Suasana kegiatan sosialisasi ini berlangsung interaktif, terutama saat sesi tanya
jawab. Para peserta aktif menyampaikan berbagai pertanyaan yang berkaitan
dengan pelaksanaan kewajiban pelaporan Orang Asing di lapangan.

  
 Heti : peserta dari Politeknik Bintan Cakrawala, menanyakan mengenai kewajiban
perizinan bagi usaha penginapan yang baru dirintisnya serta pihak yang berwenang
menjadi administrator dalam pengelolaan akun APOA.
Selain itu, Heti juga menyampaikan bahwa dalam waktu dekat Politeknik Bintan
Cakrawala akan menerima kunjungan pelajar dari Singapura melalui program
Summer School Holiday dan student exchange yang berlangsung selama dua
minggu. 

Ia menanyakan pihak yang berkewajiban melaporkan keberadaan peserta
asing tersebut, apakah pihak hotel tempat menginap atau institusi akademik sebagai
penyelenggara kegiatan.
Menanggapi hal tersebut, narasumber menjelaskan bahwa kewajiban pelaporan
tetap melekat pada pihak pengelola akomodasi yang menyediakan tempat menginap
bagi Orang Asing. Sementara itu, penunjukan administrator APOA dapat
disesuaikan dengan kebijakan masing-masing pengelola usaha atau akomodasi.

“Kewajiban pelaporan tetap dilakukan oleh pihak pengelola penginapan atau hotel
yang menjadi tempat menginap Orang Asing. Sedangkan untuk administrator APOA
dapat ditentukan sesuai kebutuhan dan kebijakan pengelola,” jelas narasumber.


Melalui kegiatan ini, para peserta tidak hanya memperoleh pemahaman mengenai
kewajiban pelaporan Orang Asing, tetapi juga mendapatkan gambaran mengenai
pentingnya pemanfaatan teknologi digital dalam mendukung pengawasan
keimigrasian. Sinergi antara Imigrasi dan para pelaku usaha dinilai menjadi salah
satu faktor penting dalam menciptakan pengawasan Orang Asing yang lebih efektif
dan terukur.


Adi Hari Pianto, kepala kantor imigrasi Tanjung uban mengatakan bahwa
pemanfaatan teknologi digital melalui APOA merupakan langkah strategis dalam
memperkuat kolaborasi antara Imigrasi dan para pelaku usaha dalam mendukung
pengawasan Orang Asing.
“Melalui kegiatan ini, kami berharap para pengelola hotel, resort, vila, tenant, dan
pelaku usaha yang bersinggungan langsung dengan Orang Asing dapat dengan
gampang memahami pentingnya pelaporan Orang Asing ya, dan juga bisa
memanfaatkan APOA secara optimal,” ujarnya.

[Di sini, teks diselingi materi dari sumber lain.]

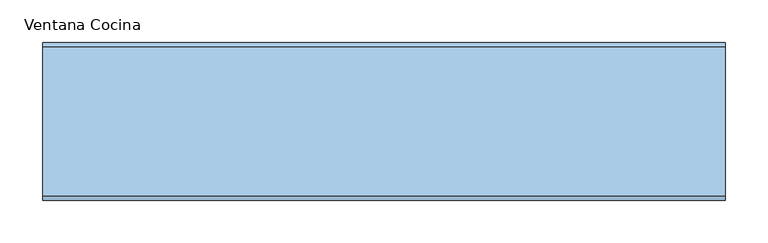
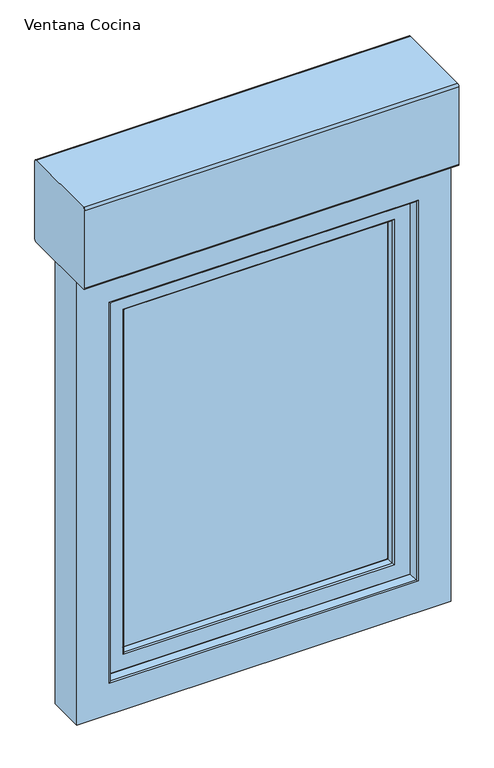
"""IFC4 building model written with IfcOpenShell, lengths in millimetres: window geometry, 2019_ES_Ventana_Replus_re80pvc301_10100_box_1-Hoja_con-Compacto : Ventana Cocina."""

from ifc_helpers import new_model, si_unit, point, frame, frame_2d, origin, place, context, project, spatial, polyline, circle_curve, ellipse_curve, trimmed, segment, composite_curve, outline, extrude, source, transform, mapped, element, save
from ifc_brep_helpers import plane_surface, cylinder_surface, advanced_brep


def ventana_cocina_4c5644c3(model_context):
    return source(origin(), model_context, "Body", "SolidModel", [
        extrude(outline(composite_curve([segment(trimmed(circle_curve(frame_2d((-55.0, 1815.0)), 5.0), [point((-55.0, 1810.0))], [point((-60.0, 1815.0))], False, "CARTESIAN"), True, "CONTINUOUS"), segment(polyline([(-60.0, 1815.0), (-60.0, 1990.0)]), True, "CONTINUOUS"), segment(trimmed(circle_curve(frame_2d((-55.0, 1990.0)), 5.0), [point((-60.0, 1990.0))], [point((-55.0, 1995.0))], False, "CARTESIAN"), True, "CONTINUOUS"), segment(polyline([(-55.0, 1995.0), (120.0, 1995.0)]), True, "CONTINUOUS"), segment(trimmed(circle_curve(frame_2d((120.0, 1990.0)), 5.0), [point((120.0, 1995.0))], [point((125.0, 1990.0))], False, "CARTESIAN"), True, "CONTINUOUS"), segment(polyline([(125.0, 1990.0), (125.0, 1815.0)]), True, "CONTINUOUS"), segment(trimmed(circle_curve(frame_2d((120.0, 1815.0)), 5.0), [point((125.0, 1815.0))], [point((120.0, 1810.0))], False, "CARTESIAN"), True, "CONTINUOUS"), segment(polyline([(120.0, 1810.0), (-55.0, 1810.0)]), True, "CONTINUOUS")], self_intersect=False)), frame((-400.0, 0.0, 0.0), z_axis=(1.0, 0.0, 0.0), x_axis=(0.0, 1.0, 0.0)), (0.0, 0.0, 1.0), 800.0),
        extrude(outline(polyline([(78.4999991, 1470.0), (118.4999991, 1470.0), (118.4999991, 1360.0), (98.4999991, 1360.0), (98.4999991, 1450.0), (78.4999991, 1450.0), (78.4999991, 1470.0)])), frame((-334.1999993, 0.0, 0.0), z_axis=(1.0, 0.0, 0.0), x_axis=(0.0, 1.0, 0.0)), (0.0, 0.0, 1.0), 12.0),
        extrude(outline(polyline([(-313.9687607, 78.4999991), (-313.9687607, 68.4999991), (-342.4312378, 68.4999991), (-342.4312378, 78.4999991), (-313.9687607, 78.4999991)])), frame((0.0, 0.0, 1435.217127), z_axis=(0.0, 0.0, 1.0), x_axis=(1.0, 0.0, 0.0)), (0.0, 0.0, 1.0), 49.565746),
        extrude(outline(polyline([(909.8, 297.1999993), (1707.2, 297.1999993), (1707.2, -297.1999993), (909.8, -297.1999993), (909.8, 297.1999993)]), holes=[polyline([(1699.2, 289.1999993), (917.8, 289.1999993), (917.8, -289.1999993), (1699.2, -289.1999993), (1699.2, 289.1999993)])]), frame((0.0, 10.9999999, 0.0), z_axis=(0.0, 1.0, 0.0), x_axis=(0.0, 0.0, 1.0)), (0.0, 0.0, 1.0), 16.0),
        extrude(outline(polyline([(909.8131934, 297.1868058), (1707.1868066, 297.1868058), (1707.1868066, -297.1868058), (909.8131934, -297.1868058), (909.8131934, 297.1868058)]), holes=[polyline([(1699.2, 289.1999993), (917.8, 289.1999993), (917.8, -289.1999993), (1699.2, -289.1999993), (1699.2, 289.1999993)])]), frame((0.0, 31.0000001, 0.0), z_axis=(0.0, 1.0, 0.0), x_axis=(0.0, 0.0, 1.0)), (0.0, 0.0, 1.0), 16.0),
        extrude(outline(polyline([(297.1999993, 6.9999997), (-297.1999993, 6.9999997), (-297.1999993, 10.9999999), (297.1999993, 10.9999999), (297.1999993, 6.9999997)])), frame((0.0, 0.0, 903.7946451), z_axis=(0.0, 0.0, 1.0), x_axis=(1.0, 0.0, 0.0)), (0.0, 0.0, 1.0), 809.4053549),
        extrude(outline(polyline([(297.1999993, 26.9999999), (-297.1999993, 26.9999999), (-297.1999993, 31.0000001), (297.1999993, 31.0000001), (297.1999993, 26.9999999)])), frame((0.0, 0.0, 903.7946451), z_axis=(0.0, 0.0, 1.0), x_axis=(1.0, 0.0, 0.0)), (0.0, 0.0, 1.0), 809.4053549),
        extrude(outline(polyline([(297.1999993, 47.0000001), (-297.1999993, 47.0000001), (-297.1999993, 51.0000003), (297.1999993, 51.0000003), (297.1999993, 47.0000001)])), frame((0.0, 0.0, 903.7946451), z_axis=(0.0, 0.0, 1.0), x_axis=(1.0, 0.0, 0.0)), (0.0, 0.0, 1.0), 809.4053549),
        advanced_brep(
        [(287.2913171, -9.2764571, 1697.2913178), (287.2913171, -9.2764571, 922.7086822), (290.1890946, -11.5, 919.8109047), (290.1890946, -11.5, 1700.1890953), (330.1999993, -11.5, 879.8), (330.1999993, -11.5, 1740.2), (-330.1999993, -11.5, 1740.2), (-330.1999993, -11.5, 879.8), (-290.1890946, -11.5, 919.8109047), (-290.1890946, -11.5, 1700.1890953), (-287.2913171, -9.2764571, 922.7086822), (284.1757968, 2.3508228, 1694.1757976), (284.1757968, 2.3508228, 925.8242024), (-284.1757968, 2.3508228, 925.8242024), (284.6739305, 3.0000033, 1694.6739313), (284.6739305, 3.0000033, 925.3260687), (-284.6739305, 3.0000033, 925.3260687), (291.1999993, 3.0000033, 1701.2), (291.1999993, 3.0000033, 918.8), (-291.1999993, 3.0000033, 918.8), (-291.1999993, 3.0000033, 1701.2), (-284.6739305, 3.0000033, 1694.6739313), (291.1999993, 6.9999997, 1701.2), (291.1999993, 6.9999997, 918.8), (-291.1999993, 6.9999997, 918.8), (311.8162192, 6.9999997, 1721.8162199), (311.8162192, 6.9999997, 898.1837801), (-311.8162192, 6.9999997, 898.1837801), (-311.8162192, 6.9999997, 1721.8162199), (-291.1999993, 6.9999997, 1701.2), (309.1999993, 25.6153717, 1719.2), (309.1999993, 25.6153717, 900.8), (-309.1999993, 25.6153717, 900.8), (309.1999993, 56.4999995, 1719.2), (309.1999993, 56.4999995, 900.8), (-309.1999993, 56.4999995, 900.8), (-309.1999993, 56.4999995, 1719.2), (297.1999993, 56.4999995, 1707.2), (297.1999993, 56.4999995, 912.8), (-297.1999993, 56.4999995, 912.8), (-297.1999993, 56.4999995, 1707.2), (297.1999993, 51.0000003, 1707.2), (297.1999993, 51.0000003, 912.8), (-297.1999993, 51.0000003, 912.8), (-297.1999993, 51.0000003, 1707.2), (286.007687, 51.0000003, 1696.0076877), (286.007687, 51.0000003, 923.9923123), (-286.007687, 51.0000003, 923.9923123), (-286.007687, 51.0000003, 1696.0076877), (285.4940999, 51.6693201, 1695.4941006), (285.4940999, 51.6693201, 924.5058994), (-285.4940999, 51.6693201, 924.5058994), (288.8993918, 64.3780426, 1698.8993925), (288.8993918, 64.3780426, 921.1006075), (-288.8993918, 64.3780426, 921.1006075), (292.6234971, 67.3403297, 1702.6234978), (292.6234971, 67.3403297, 917.3765022), (-292.6234971, 67.3403297, 917.3765022), (305.6488427, 67.7951848, 1715.6488434), (305.6488427, 67.7951848, 904.3511566), (-305.6488427, 67.7951848, 904.3511566), (306.1999993, 67.2629391, 1716.2), (306.1999993, 67.2629391, 903.8), (-306.1999993, 67.2629391, 903.8), (307.4370593, 68.4999991, 1717.43706), (307.4370593, 68.4999991, 902.56294), (-307.4370593, 68.4999991, 902.56294), (360.1999993, 68.4999991, 1770.2), (360.1999993, 68.4999991, 849.8), (-360.1999993, 68.4999991, 849.8), (-360.1999993, 68.4999991, 1770.2), (-307.4370593, 68.4999991, 1717.43706), (363.1999993, 65.4999991, 1773.2), (363.1999993, 65.4999991, 846.8), (-363.1999993, 65.4999991, 846.8), (363.1999993, 50.0, 1773.2), (363.1999993, 50.0, 846.8), (-363.1999993, 50.0, 846.8), (-363.1999993, 50.0, 1773.2), (343.1999993, 50.0, 1753.2), (343.1999993, 50.0, 866.8), (-343.1999993, 50.0, 866.8), (-343.1999993, 50.0, 1753.2), (343.1999993, 11.9999991, 1753.2), (343.1999993, 11.9999991, 866.8), (-343.1999993, 11.9999991, 866.8), (-343.1999993, 11.9999991, 1753.2), (330.1999993, 11.9999991, 1740.2), (330.1999993, 11.9999991, 879.8), (-330.1999993, 11.9999991, 879.8), (-330.1999993, 11.9999991, 1740.2), (-287.2913171, -9.2764571, 1697.2913178), (-284.1757968, 2.3508228, 1694.1757976), (-309.1999993, 25.6153717, 1719.2), (-285.4940999, 51.6693201, 1695.4941006), (-288.8993918, 64.3780426, 1698.8993925), (-292.6234971, 67.3403297, 1702.6234978), (-305.6488427, 67.7951848, 1715.6488434), (-306.1999993, 67.2629391, 1716.2), (-363.1999993, 65.4999991, 1773.2)],
        [
            (0, 1),
            (1, 2, ellipse_curve(frame((290.1890946, -8.5, 919.8109047), z_axis=(0.7071067811865475, 0.0, 0.7071067811865475), x_axis=(-0.7071067811865474, 0.0, 0.7071067811865476)), 4.2426407, 3.0)),
            (2, 3),
            (3, 0, ellipse_curve(frame((290.1890946, -8.5, 1700.1890953), z_axis=(0.7071067811865475, 0.0, -0.7071067811865475), x_axis=(0.7071067811865474, 0.0, 0.7071067811865476)), 4.2426407, 3.0)),
            (4, 5),
            (5, 6),
            (6, 7),
            (7, 4),
            (2, 8),
            (8, 9),
            (9, 3),
            (1, 10),
            (10, 8, ellipse_curve(frame((-290.1890946, -8.5, 919.8109047), z_axis=(0.7071067811865475, 0.0, -0.7071067811865475), x_axis=(0.7071067811865476, 0.0, 0.7071067811865474)), 4.2426407, 3.0)),
            (11, 12),
            (12, 1),
            (0, 11),
            (12, 13),
            (13, 10),
            (14, 15),
            (15, 12, ellipse_curve(frame((284.6739305, 2.4842973, 925.3260687), z_axis=(0.7071067811865475, 0.0, 0.7071067811865475), x_axis=(-0.7071067811865474, 0.0, 0.7071067811865476)), 0.7293184, 0.515706)),
            (11, 14, ellipse_curve(frame((284.6739305, 2.4842973, 1694.6739313), z_axis=(0.7071067811865475, 0.0, -0.7071067811865475), x_axis=(0.7071067811865474, 0.0, 0.7071067811865476)), 0.7293184, 0.515706)),
            (15, 16),
            (16, 13, ellipse_curve(frame((-284.6739305, 2.4842973, 925.3260687), z_axis=(0.7071067811865475, 0.0, -0.7071067811865475), x_axis=(0.7071067811865476, 0.0, 0.7071067811865474)), 0.7293184, 0.515706)),
            (17, 18),
            (18, 19),
            (19, 20),
            (20, 17),
            (14, 21),
            (21, 16),
            (22, 23),
            (23, 18),
            (17, 22),
            (23, 24),
            (24, 19),
            (25, 26),
            (26, 27),
            (27, 28),
            (28, 25),
            (22, 29),
            (29, 24),
            (30, 31),
            (31, 26),
            (25, 30),
            (31, 32),
            (32, 27),
            (33, 34),
            (34, 31),
            (30, 33),
            (34, 35),
            (35, 32),
            (33, 36),
            (36, 35),
            (37, 38),
            (38, 39),
            (39, 40),
            (40, 37),
            (41, 42),
            (42, 38),
            (37, 41),
            (42, 43),
            (43, 39),
            (41, 44),
            (44, 43),
            (45, 46),
            (46, 47),
            (47, 48),
            (48, 45),
            (49, 50),
            (50, 46, ellipse_curve(frame((286.007687, 51.5317048, 923.9923123), z_axis=(0.7071067811865475, 0.0, 0.7071067811865475), x_axis=(-0.7071067811865474, 0.0, 0.7071067811865476)), 0.7519437, 0.5317045)),
            (45, 49, ellipse_curve(frame((286.007687, 51.5317048, 1696.0076877), z_axis=(0.7071067811865475, 0.0, -0.7071067811865475), x_axis=(0.7071067811865474, 0.0, 0.7071067811865476)), 0.7519437, 0.5317045)),
            (50, 51),
            (51, 47, ellipse_curve(frame((-286.007687, 51.5317048, 923.9923123), z_axis=(0.7071067811865475, 0.0, -0.7071067811865475), x_axis=(0.7071067811865476, 0.0, 0.7071067811865474)), 0.7519437, 0.5317045)),
            (52, 53),
            (53, 50),
            (49, 52),
            (53, 54),
            (54, 51),
            (55, 56),
            (56, 53, ellipse_curve(frame((292.7630951, 63.3427664, 917.2369042), z_axis=(0.7071067811865475, 0.0, 0.7071067811865475), x_axis=(-0.7071067811865474, 0.0, 0.7071067811865476)), 5.6568542, 4.0)),
            (52, 55, ellipse_curve(frame((292.7630951, 63.3427664, 1702.7630958), z_axis=(0.7071067811865475, 0.0, -0.7071067811865475), x_axis=(0.7071067811865474, 0.0, 0.7071067811865476)), 5.6568542, 4.0)),
            (56, 57),
            (57, 54, ellipse_curve(frame((-292.7630951, 63.3427664, 917.2369042), z_axis=(0.7071067811865475, 0.0, -0.7071067811865475), x_axis=(0.7071067811865476, 0.0, 0.7071067811865474)), 5.6568542, 4.0)),
            (58, 59),
            (59, 56),
            (55, 58),
            (59, 60),
            (60, 57),
            (61, 62),
            (62, 59, ellipse_curve(frame((305.6674291, 67.2629391, 904.3325701), z_axis=(0.7071067811865475, 0.0, 0.7071067811865475), x_axis=(-0.7071067811865474, 0.0, 0.7071067811865476)), 0.7531679, 0.5325701)),
            (58, 61, ellipse_curve(frame((305.6674291, 67.2629391, 1715.6674299), z_axis=(0.7071067811865475, 0.0, -0.7071067811865475), x_axis=(0.7071067811865474, 0.0, 0.7071067811865476)), 0.7531679, 0.5325701)),
            (62, 63),
            (63, 60, ellipse_curve(frame((-305.6674291, 67.2629391, 904.3325701), z_axis=(0.7071067811865475, 0.0, -0.7071067811865475), x_axis=(0.7071067811865476, 0.0, 0.7071067811865474)), 0.7531679, 0.5325701)),
            (64, 65),
            (65, 62, ellipse_curve(frame((307.4370593, 67.2629391, 902.56294), z_axis=(0.7071067811865475, 0.0, 0.7071067811865475), x_axis=(-0.7071067811865474, 0.0, 0.7071067811865476)), 1.7494671, 1.23706)),
            (61, 64, ellipse_curve(frame((307.4370593, 67.2629391, 1717.43706), z_axis=(0.7071067811865475, 0.0, -0.7071067811865475), x_axis=(0.7071067811865474, 0.0, 0.7071067811865476)), 1.7494671, 1.23706)),
            (65, 66),
            (66, 63, ellipse_curve(frame((-307.4370593, 67.2629391, 902.56294), z_axis=(0.7071067811865475, 0.0, -0.7071067811865475), x_axis=(0.7071067811865476, 0.0, 0.7071067811865474)), 1.7494671, 1.23706)),
            (67, 68),
            (68, 69),
            (69, 70),
            (70, 67),
            (64, 71),
            (71, 66),
            (72, 73),
            (73, 68, ellipse_curve(frame((360.1999993, 65.4999991, 849.8), z_axis=(0.7071067811865475, 0.0, 0.7071067811865475), x_axis=(-0.7071067811865474, 0.0, 0.7071067811865476)), 4.2426407, 3.0)),
            (67, 72, ellipse_curve(frame((360.1999993, 65.4999991, 1770.2), z_axis=(0.7071067811865475, 0.0, -0.7071067811865475), x_axis=(0.7071067811865474, 0.0, 0.7071067811865476)), 4.2426407, 3.0)),
            (73, 74),
            (74, 69, ellipse_curve(frame((-360.1999993, 65.4999991, 849.8), z_axis=(0.7071067811865475, 0.0, -0.7071067811865475), x_axis=(0.7071067811865476, 0.0, 0.7071067811865474)), 4.2426407, 3.0)),
            (75, 76),
            (76, 73),
            (72, 75),
            (76, 77),
            (77, 74),
            (75, 78),
            (78, 77),
            (79, 80),
            (80, 81),
            (81, 82),
            (82, 79),
            (79, 83),
            (83, 84),
            (84, 80),
            (84, 85),
            (85, 81),
            (83, 86),
            (86, 85),
            (87, 88),
            (88, 89),
            (89, 90),
            (90, 87),
            (87, 5),
            (4, 88),
            (7, 89),
            (10, 91),
            (91, 9, ellipse_curve(frame((-290.1890946, -8.5, 1700.1890953), z_axis=(-0.7071067811865475, 0.0, -0.7071067811865475), x_axis=(0.7071067811865474, 0.0, -0.7071067811865476)), 4.2426407, 3.0)),
            (13, 92),
            (92, 91),
            (21, 92, ellipse_curve(frame((-284.6739305, 2.4842973, 1694.6739313), z_axis=(-0.7071067811865475, 0.0, -0.7071067811865475), x_axis=(0.7071067811865474, 0.0, -0.7071067811865476)), 0.7293184, 0.515706)),
            (29, 20),
            (32, 93),
            (93, 28),
            (36, 93),
            (44, 40),
            (51, 94),
            (94, 48, ellipse_curve(frame((-286.007687, 51.5317048, 1696.0076877), z_axis=(-0.7071067811865475, 0.0, -0.7071067811865475), x_axis=(0.7071067811865474, 0.0, -0.7071067811865476)), 0.7519437, 0.5317045)),
            (54, 95),
            (95, 94),
            (57, 96),
            (96, 95, ellipse_curve(frame((-292.7630951, 63.3427664, 1702.7630958), z_axis=(-0.7071067811865475, 0.0, -0.7071067811865475), x_axis=(0.7071067811865474, 0.0, -0.7071067811865476)), 5.6568542, 4.0)),
            (60, 97),
            (97, 96),
            (63, 98),
            (98, 97, ellipse_curve(frame((-305.6674291, 67.2629391, 1715.6674299), z_axis=(-0.7071067811865475, 0.0, -0.7071067811865475), x_axis=(0.7071067811865474, 0.0, -0.7071067811865476)), 0.7531679, 0.5325701)),
            (71, 98, ellipse_curve(frame((-307.4370593, 67.2629391, 1717.43706), z_axis=(-0.7071067811865475, 0.0, -0.7071067811865475), x_axis=(0.7071067811865474, 0.0, -0.7071067811865476)), 1.7494671, 1.23706)),
            (74, 99),
            (99, 70, ellipse_curve(frame((-360.1999993, 65.4999991, 1770.2), z_axis=(-0.7071067811865475, 0.0, -0.7071067811865475), x_axis=(0.7071067811865474, 0.0, -0.7071067811865476)), 4.2426407, 3.0)),
            (78, 99),
            (86, 82),
            (6, 90),
            (91, 0),
            (92, 11),
            (93, 30),
            (94, 49),
            (95, 52),
            (96, 55),
            (97, 58),
            (98, 61),
            (99, 72),
        ],
        [
            cylinder_surface(frame((290.1890946, -8.5, 1773.2), z_axis=(0.0, 0.0, 1.0), x_axis=(-1.0, 0.0, 0.0)), 3.0),
            plane_surface(frame((-330.1999993, -11.5, 1740.2), z_axis=(0.0, -1.0, 0.0), x_axis=(1.0, 0.0, 0.0))),
            cylinder_surface(frame((363.1999993, -8.5, 919.8109047), z_axis=(1.0, 0.0, 0.0), x_axis=(0.0, 0.0, 1.0)), 3.0),
            plane_surface(frame((287.2913171, -9.2764571, 1697.2913178), z_axis=(-0.9659258263570556, -0.258819044848789, 0.0), x_axis=(0.0, 0.0, -1.0))),
            plane_surface(frame((287.2913171, -9.2764571, 922.7086822), z_axis=(0.0, -0.2588190448487859, 0.9659258263570565), x_axis=(-1.0, 0.0, 0.0))),
            cylinder_surface(frame((284.6739305, 2.4842973, 1773.2), z_axis=(0.0, 0.0, 1.0), x_axis=(-1.0, 0.0, 0.0)), 0.515706),
            cylinder_surface(frame((363.1999993, 2.4842973, 925.3260687), z_axis=(1.0, 0.0, 0.0), x_axis=(0.0, 0.0, 1.0)), 0.515706),
            plane_surface(frame((-284.6739305, 3.0000033, 1694.6739313), z_axis=(0.0, 1.0, 0.0), x_axis=(1.0, 0.0, 0.0))),
            plane_surface(frame((291.1999993, 3.0000033, 1701.2), z_axis=(-1.0, 0.0, 0.0), x_axis=(0.0, 0.0, -1.0))),
            plane_surface(frame((291.1999993, 3.0000033, 918.8), z_axis=(0.0, 0.0, 1.0), x_axis=(-1.0, 0.0, 0.0))),
            plane_surface(frame((-291.1999993, 6.9999997, 1701.2), z_axis=(0.0, 1.0, 0.0), x_axis=(1.0, 0.0, 0.0))),
            plane_surface(frame((311.8162192, 6.9999997, 1721.8162199), z_axis=(-0.9902680687415736, -0.13917310096004265, 0.0), x_axis=(0.0, 0.0, -1.0))),
            plane_surface(frame((311.8162192, 6.9999997, 898.1837801), z_axis=(0.0, -0.13917310096003943, 0.990268068741574), x_axis=(-1.0, 0.0, 0.0))),
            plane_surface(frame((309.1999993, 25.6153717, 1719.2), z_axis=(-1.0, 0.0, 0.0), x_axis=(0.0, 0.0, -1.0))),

Kegiatan ini juga dilakukan sebagai tindak lanjut dari arahan Direktur Jenderal
Imigrasi, Hendarsam Marantoko, dalam upaya memperkuat pengawasan
keimigrasian yang adaptif dan berbasis teknologi. Hendarsam menegaskan bahwa kolaborasi antara Imigrasi dengan pengelola akomodasi, pelaku usaha, serta
pemangku kepentingan lainnya merupakan elemen penting dalam mendukung
pengawasan keberadaan dan aktivitas Orang Asing di Indonesia.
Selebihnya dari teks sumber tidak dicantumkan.